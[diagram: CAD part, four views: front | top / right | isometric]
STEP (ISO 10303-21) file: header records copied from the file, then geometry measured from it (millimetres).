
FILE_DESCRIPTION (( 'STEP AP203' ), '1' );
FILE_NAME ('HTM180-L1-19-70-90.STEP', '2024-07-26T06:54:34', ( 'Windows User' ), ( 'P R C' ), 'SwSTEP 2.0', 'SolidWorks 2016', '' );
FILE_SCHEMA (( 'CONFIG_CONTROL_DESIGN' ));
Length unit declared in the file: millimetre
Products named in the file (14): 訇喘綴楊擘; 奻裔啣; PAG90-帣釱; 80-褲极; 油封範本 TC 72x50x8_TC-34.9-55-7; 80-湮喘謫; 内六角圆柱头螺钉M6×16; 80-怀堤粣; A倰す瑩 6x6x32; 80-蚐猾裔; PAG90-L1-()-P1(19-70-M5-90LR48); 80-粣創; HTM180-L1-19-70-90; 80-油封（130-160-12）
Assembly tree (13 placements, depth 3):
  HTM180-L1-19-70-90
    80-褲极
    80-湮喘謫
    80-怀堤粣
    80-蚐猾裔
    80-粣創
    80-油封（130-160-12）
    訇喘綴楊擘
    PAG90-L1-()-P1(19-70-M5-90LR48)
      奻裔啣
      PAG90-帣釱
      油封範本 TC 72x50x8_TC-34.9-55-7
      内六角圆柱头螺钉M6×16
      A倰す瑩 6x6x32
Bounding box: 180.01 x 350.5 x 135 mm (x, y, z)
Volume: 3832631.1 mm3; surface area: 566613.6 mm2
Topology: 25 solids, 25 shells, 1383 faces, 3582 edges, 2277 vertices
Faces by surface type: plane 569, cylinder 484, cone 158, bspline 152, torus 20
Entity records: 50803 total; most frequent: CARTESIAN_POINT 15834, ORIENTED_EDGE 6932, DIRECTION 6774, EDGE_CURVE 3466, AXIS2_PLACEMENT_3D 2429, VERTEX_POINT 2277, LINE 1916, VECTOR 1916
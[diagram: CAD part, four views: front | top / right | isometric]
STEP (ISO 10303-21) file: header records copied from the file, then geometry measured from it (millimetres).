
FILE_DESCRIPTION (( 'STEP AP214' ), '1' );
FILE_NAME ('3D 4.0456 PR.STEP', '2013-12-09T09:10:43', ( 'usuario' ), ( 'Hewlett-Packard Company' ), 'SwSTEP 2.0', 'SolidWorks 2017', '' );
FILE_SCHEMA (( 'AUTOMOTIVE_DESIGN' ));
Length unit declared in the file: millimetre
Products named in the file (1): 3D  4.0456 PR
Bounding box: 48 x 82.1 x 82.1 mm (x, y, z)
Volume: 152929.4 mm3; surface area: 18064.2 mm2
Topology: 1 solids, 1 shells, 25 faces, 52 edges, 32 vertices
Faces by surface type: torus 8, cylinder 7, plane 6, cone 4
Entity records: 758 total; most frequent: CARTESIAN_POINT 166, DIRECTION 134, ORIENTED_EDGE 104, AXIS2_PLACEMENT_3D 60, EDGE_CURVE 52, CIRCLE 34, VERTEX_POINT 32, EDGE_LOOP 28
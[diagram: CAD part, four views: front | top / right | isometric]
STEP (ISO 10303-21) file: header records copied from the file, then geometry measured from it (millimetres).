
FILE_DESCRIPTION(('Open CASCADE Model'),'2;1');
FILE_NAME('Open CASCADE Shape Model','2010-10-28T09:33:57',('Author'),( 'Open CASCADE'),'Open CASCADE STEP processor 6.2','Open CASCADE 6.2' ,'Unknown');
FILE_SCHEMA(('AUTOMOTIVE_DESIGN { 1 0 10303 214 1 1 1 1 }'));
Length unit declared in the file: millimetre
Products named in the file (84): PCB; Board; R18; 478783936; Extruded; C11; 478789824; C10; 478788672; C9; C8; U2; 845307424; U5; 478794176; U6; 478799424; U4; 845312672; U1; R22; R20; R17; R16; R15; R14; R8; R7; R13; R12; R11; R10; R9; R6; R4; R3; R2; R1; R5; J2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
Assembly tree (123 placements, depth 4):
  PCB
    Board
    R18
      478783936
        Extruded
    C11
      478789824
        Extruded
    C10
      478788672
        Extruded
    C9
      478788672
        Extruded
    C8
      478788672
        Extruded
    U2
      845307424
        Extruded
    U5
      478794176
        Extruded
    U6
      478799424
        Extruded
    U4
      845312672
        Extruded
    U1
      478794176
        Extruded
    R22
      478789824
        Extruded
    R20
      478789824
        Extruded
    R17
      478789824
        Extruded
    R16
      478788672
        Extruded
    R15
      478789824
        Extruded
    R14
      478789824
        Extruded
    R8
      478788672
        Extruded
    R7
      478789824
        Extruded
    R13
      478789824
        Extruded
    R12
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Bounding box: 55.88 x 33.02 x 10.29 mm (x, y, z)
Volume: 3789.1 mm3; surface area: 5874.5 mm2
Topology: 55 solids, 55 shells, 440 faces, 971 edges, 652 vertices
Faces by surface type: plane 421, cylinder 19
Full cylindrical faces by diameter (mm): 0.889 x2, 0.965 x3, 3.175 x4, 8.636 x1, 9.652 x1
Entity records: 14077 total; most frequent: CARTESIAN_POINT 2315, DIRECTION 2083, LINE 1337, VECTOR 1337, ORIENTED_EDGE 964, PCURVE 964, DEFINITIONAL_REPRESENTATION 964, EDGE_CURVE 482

Exercise directions:
A verbatim copy of the listing is needed.

Final answer:
[diagram: CAD part, four views: front | top / right | isometric]
STEP (ISO 10303-21) file: header records copied from the file, then geometry measured from it (millimetres).
FILE_DESCRIPTION (( 'STEP AP203' ), '1' );
FILE_NAME ('HTM180-L1-19-70-90.STEP', '2024-07-26T06:54:34', ( 'Windows User' ), ( 'P R C' ), 'SwSTEP 2.0', 'SolidWorks 2016', '' );
FILE_SCHEMA (( 'CONFIG_CONTROL_DESIGN' ));
Length unit declared in the file: millimetre
Products named in the file (14): 訇喘綴楊擘; 奻裔啣; PAG90-帣釱; 80-褲极; 油封範本 TC 72x50x8_TC-34.9-55-7; 80-湮喘謫; 内六角圆柱头螺钉M6×16; 80-怀堤粣; A倰す瑩 6x6x32; 80-蚐猾裔; PAG90-L1-()-P1(19-70-M5-90LR48); 80-粣創; HTM180-L1-19-70-90; 80-油封（130-160-12）
Assembly tree (13 placements, depth 3):
  HTM180-L1-19-70-90
    80-褲极
    80-湮喘謫
    80-怀堤粣
    80-蚐猾裔
    80-粣創
    80-油封（130-160-12）
    訇喘綴楊擘
    PAG90-L1-()-P1(19-70-M5-90LR48)
      奻裔啣
      PAG90-帣釱
      油封範本 TC 72x50x8_TC-34.9-55-7
      内六角圆柱头螺钉M6×16
      A倰す瑩 6x6x32
Bounding box: 180.01 x 350.5 x 135 mm (x, y, z)
Volume: 3832631.1 mm3; surface area: 566613.6 mm2
Topology: 25 solids, 25 shells, 1383 faces, 3582 edges, 2277 vertices
Faces by surface type: plane 569, cylinder 484, cone 158, bspline 152, torus 20
Entity records: 50803 total; most frequent: CARTESIAN_POINT 15834, ORIENTED_EDGE 6932, DIRECTION 6774, EDGE_CURVE 3466, AXIS2_PLACEMENT_3D 2429, VERTEX_POINT 2277, LINE 1916, VECTOR 1916
[diagram: CAD part, four views: front | top / right | isometric]
STEP (ISO 10303-21) file: header records copied from the file, then geometry measured from it (millimetres).
FILE_DESCRIPTION (( 'STEP AP214' ), '1' );
FILE_NAME ('3D 4.0456 PR.STEP', '2013-12-09T09:10:43', ( 'usuario' ), ( 'Hewlett-Packard Company' ), 'SwSTEP 2.0', 'SolidWorks 2017', '' );
FILE_SCHEMA (( 'AUTOMOTIVE_DESIGN' ));
Length unit declared in the file: millimetre
Products named in the file (1): 3D  4.0456 PR
Bounding box: 48 x 82.1 x 82.1 mm (x, y, z)
Volume: 152929.4 mm3; surface area: 18064.2 mm2
Topology: 1 solids, 1 shells, 25 faces, 52 edges, 32 vertices
Faces by surface type: torus 8, cylinder 7, plane 6, cone 4
Entity records: 758 total; most frequent: CARTESIAN_POINT 166, DIRECTION 134, ORIENTED_EDGE 104, AXIS2_PLACEMENT_3D 60, EDGE_CURVE 52, CIRCLE 34, VERTEX_POINT 32, EDGE_LOOP 28
[diagram: CAD part, four views: front | top / right | isometric]
STEP (ISO 10303-21) file: header records copied from the file, then geometry measured from it (millimetres).
FILE_DESCRIPTION(('Open CASCADE Model'),'2;1');
FILE_NAME('Open CASCADE Shape Model','2010-10-28T09:33:57',('Author'),( 'Open CASCADE'),'Open CASCADE STEP processor 6.2','Open CASCADE 6.2' ,'Unknown');
FILE_SCHEMA(('AUTOMOTIVE_DESIGN { 1 0 10303 214 1 1 1 1 }'));
Length unit declared in the file: millimetre
Products named in the file (84): PCB; Board; R18; 478783936; Extruded; C11; 478789824; C10; 478788672; C9; C8; U2; 845307424; U5; 478794176; U6; 478799424; U4; 845312672; U1; R22; R20; R17; R16; R15; R14; R8; R7; R13; R12; R11; R10; R9; R6; R4; R3; R2; R1; R5; J2
Assembly tree (123 placements, depth 4):
  PCB
    Board
    R18
      478783936
        Extruded
    C11
      478789824
        Extruded
    C10
      478788672
        Extruded
    C9
      478788672
        Extruded
    C8
      478788672
        Extruded
    U2
      845307424
        Extruded
    U5
      478794176
        Extruded
    U6
      478799424
        Extruded
    U4
      845312672
        Extruded
    U1
      478794176
        Extruded
    R22
      478789824
        Extruded
    R20
      478789824
        Extruded
    R17
      478789824
        Extruded
    R16
      478788672
        Extruded
    R15
      478789824
        Extruded
    R14
      478789824
        Extruded
    R8
      478788672
        Extruded
    R7
      478789824
        Extruded
    R13
      478789824
        Extruded
    R12
Bounding box: 55.88 x 33.02 x 10.29 mm (x, y, z)
Volume: 3789.1 mm3; surface area: 5874.5 mm2
Topology: 55 solids, 55 shells, 440 faces, 971 edges, 652 vertices
Faces by surface type: plane 421, cylinder 19
Full cylindrical faces by diameter (mm): 0.889 x2, 0.965 x3, 3.175 x4, 8.636 x1, 9.652 x1
Entity records: 14077 total; most frequent: CARTESIAN_POINT 2315, DIRECTION 2083, LINE 1337, VECTOR 1337, ORIENTED_EDGE 964, PCURVE 964, DEFINITIONAL_REPRESENTATION 964, EDGE_CURVE 482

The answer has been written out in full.